### Work instructions
Copy out precisely the lines from the start of the data through the line with "doc.units = 0", and keep pictures out of it.
§
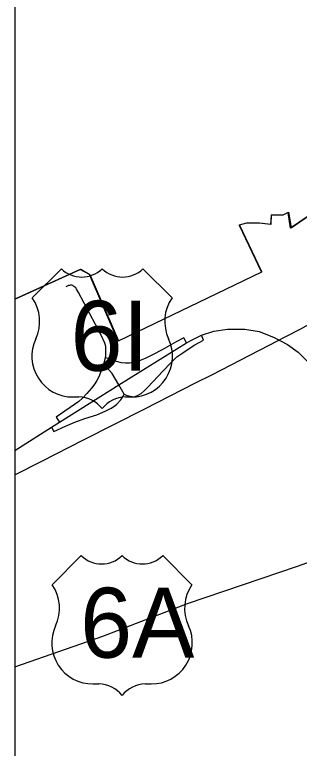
# Model space of a CAD drawing. Extents: x 0 to 96.2, y -27.5 to 31.3.
# Drawn here: x 43.823 to 44.361, y 17.525 to 18.907 of the extents above; entities that cross this region are included whole.
import ezdxf

# ---------------------------------------------------------------- set-up
doc = ezdxf.new("R2010")
doc.units = 0
for name, color, linetype in [('BOTTOM-BLKS', 7, 'Continuous'), ('TB1', 7, 'Continuous'), ('TB_PIPEMAT', 7, 'Continuous'), ('TB_PP_50x10_GRID', 7, 'Continuous'), ('TB_PROF_20x5_GRID', 7, 'Continuous'), ('TB_SIGN_XS', 7, 'Continuous'), ('TB_SUPER_50x0-5', 7, 'Continuous')]:
    doc.layers.add(name, color=color, linetype=linetype)

msp = doc.modelspace()

# ---------------------------------------------------------------- linework, layer by layer
at = {"layer": 'BOTTOM-BLKS'}
for points in [[(43.8234, 18.3711), (43.8234, 13.9869), (50.6234, 13.9869), (50.6234, 20.7869), (47.5697, 20.7869)], [(44.3788, 18.5289), (44.344, 18.5051), (44.3393, 18.5347), (44.3294, 18.5297), (44.3074, 18.5296), (44.3064, 18.5117), (44.2847, 18.5143), (44.2608, 18.5145), (44.2467, 18.5106), (44.2891, 18.4219), (44.0186, 18.2919), (43.9647, 18.4174), (43.9471, 18.4272), (43.8234, 18.3711)]]:
    msp.add_lwpolyline(points, dxfattribs=at)
at = {"layer": 'TB1'}
msp.add_line((43.8234, 20.7869), (43.8234, 13.9869), dxfattribs=at)
at = {"layer": 'TB_PIPEMAT'}
msp.add_lwpolyline([(43.8234, 18.3712), (43.948, 18.4277), (43.9655, 18.4179), (44.0195, 18.2924), (44.2899, 18.4224), (44.2476, 18.5111), (44.2616, 18.515), (44.2855, 18.5147), (44.3072, 18.5122), (44.3082, 18.5301), (44.3303, 18.5302), (44.3401, 18.5352), (44.3448, 18.5056), (44.3796, 18.5293)], dxfattribs=at)
at = {"layer": 'TB_PP_50x10_GRID'}
msp.add_lwpolyline([(43.8234, 18.04), (43.8748, 18.0658), (43.953, 18.1061), (44.0692, 18.1647), (44.1648, 18.2135), (44.1952, 18.2286), (44.3037, 18.2844), (44.3341, 18.2999), (44.3647, 18.3158), (44.3856, 18.3277), (44.4068, 18.3397), (44.4277, 18.3527), (44.4732, 18.3837), (44.554, 18.4402), (44.6783, 18.5278), (44.8269, 18.6306)], dxfattribs=at)
at = {"layer": 'TB_PROF_20x5_GRID'}
for points in [[(44.1476, 18.2887), (44.1423, 18.298), (44.1284, 18.2907), (44.1016, 18.2759), (44.0834, 18.2664), (44.0695, 18.2595), (44.0569, 18.2543), (44.0485, 18.2515), (44.0403, 18.2506), (44.0325, 18.2506), (44.0248, 18.2514), (44.0156, 18.2536), (43.9995, 18.259), (43.9945, 18.2608)], [(44.0299, 18.1922), (44.034, 18.1903), (44.0411, 18.1881), (44.0449, 18.1874), (44.0486, 18.1873), (44.0518, 18.188), (44.055, 18.1894), (44.0618, 18.1935), (44.068, 18.1986), (44.0751, 18.206), (44.1029, 18.2353), (44.1178, 18.2511), (44.1296, 18.2622), (44.1404, 18.2702), (44.1505, 18.2772), (44.1635, 18.2853), (44.1796, 18.2937), (44.176, 18.3034)], [(43.9916, 18.2486), (43.9894, 18.2431), (43.9819, 18.2249), (43.9787, 18.2179), (43.9748, 18.2115), (43.9685, 18.2032), (43.9594, 18.1931), (43.9512, 18.1848), (43.9443, 18.1782), (43.902, 18.1486), (43.9078, 18.1393)], [(43.8926, 18.1297), (43.8976, 18.1216), (43.919, 18.132), (43.9367, 18.1392), (43.9561, 18.1461), (43.9787, 18.153), (43.9944, 18.1598), (44.0053, 18.1655), (44.0108, 18.1689), (44.0155, 18.1729), (44.0235, 18.1815), (44.0284, 18.1882), (44.0299, 18.1922)]]:
    msp.add_lwpolyline(points, dxfattribs=at)
at = {"layer": 'TB_SIGN_XS'}
for points in [[(44.0308, 18.1906), (44.0299, 18.1922), (44.0197, 18.2098), (44.0071, 18.2308), (43.9916, 18.2486), (43.9945, 18.2608), (43.9951, 18.265), (43.9956, 18.2757), (43.9952, 18.2822), (43.9936, 18.2881), (43.9863, 18.3034), (43.944, 18.3836), (43.9402, 18.3902), (43.9386, 18.3922), (43.9369, 18.3939), (43.9352, 18.3953), (43.9332, 18.3966), (43.931, 18.3973), (43.9286, 18.3974), (43.9268, 18.3972), (43.925, 18.3966), (43.9202, 18.3946)], [(43.8234, 18.086), (43.8926, 18.1297), (43.9078, 18.1393), (44.0197, 18.2098), (44.1476, 18.2887), (44.1593, 18.2954), (44.176, 18.3034), (44.1995, 18.3107), (44.225, 18.3147), (44.2575, 18.3144), (44.285, 18.3099), (44.312, 18.2996), (44.3383, 18.2856), (44.3581, 18.271), (44.3771, 18.2523)], [(43.8234, 17.6782), (43.9898, 17.7357), (44.1497, 17.7978), (44.3569, 17.8681), (44.6417, 17.9697), (44.6431, 17.9702)]]:
    msp.add_lwpolyline(points, dxfattribs=at)
at = {"layer": 'TB_SUPER_50x0-5'}
for p, q in [((43.9116, 18.4285), (43.8567, 18.3736)), ((44.1204, 18.3736), (44.0655, 18.4285)), ((43.9336, 18.1868), (43.9446, 18.1868)), ((44.0325, 18.1868), (44.0435, 18.1868)), ((43.9491, 17.8877), (43.8942, 17.8327)), ((44.1579, 17.8327), (44.103, 17.8877)), ((43.9711, 17.646), (43.9821, 17.646)), ((44.07, 17.646), (44.081, 17.646))]:
    msp.add_line(p, q, dxfattribs=at)
for centre, radius, start, end in [((43.9501, 18.4677), 0.0549, 225.573, 314.427), ((44.027, 18.4677), 0.0549, 225.573, 314.427), ((43.7937, 18.3295), 0.0769, 334.5471, 35.0009), ((44.1834, 18.3295), 0.0769, 144.9991, 205.4529), ((43.9328, 18.2637), 0.0769, 154.8319, 270.6383), ((44.0443, 18.2637), 0.0769, 269.3617, 25.1681), ((43.9446, 18.1319), 0.0549, 36.8699, 90), ((44.0325, 18.1319), 0.0549, 90, 143.1301), ((43.9876, 17.9269), 0.0549, 225.573, 314.427), ((44.0645, 17.9269), 0.0549, 225.573, 314.427), ((43.8312, 17.7886), 0.0769, 334.5471, 35.0009), ((44.2209, 17.7886), 0.0769, 144.9991, 205.4529), ((43.9703, 17.7229), 0.0769, 154.8319, 270.6383), ((44.0818, 17.7229), 0.0769, 269.3617, 25.1681), ((43.9821, 17.591), 0.0549, 36.8699, 90), ((44.07, 17.591), 0.0549, 90, 143.1301)]:
    msp.add_arc(centre, radius, start, end, dxfattribs=at)

# ---------------------------------------------------------------- texts
for s, p in [('6I', (43.9289, 18.2362)), ('6A', (43.9469, 17.6954))]:
    msp.add_text(s, height=0.13184, dxfattribs=at).set_placement(p)

doc.saveas('drawing.dxf')
§
### Result of this exercise
# Model space of a CAD drawing. Extents: x 0 to 96.2, y -27.5 to 31.3.
# Drawn here: x 43.823 to 44.361, y 17.525 to 18.907 of the extents above; entities that cross this region are included whole.
import ezdxf

# ---------------------------------------------------------------- set-up
doc = ezdxf.new("R2010")
doc.units = 0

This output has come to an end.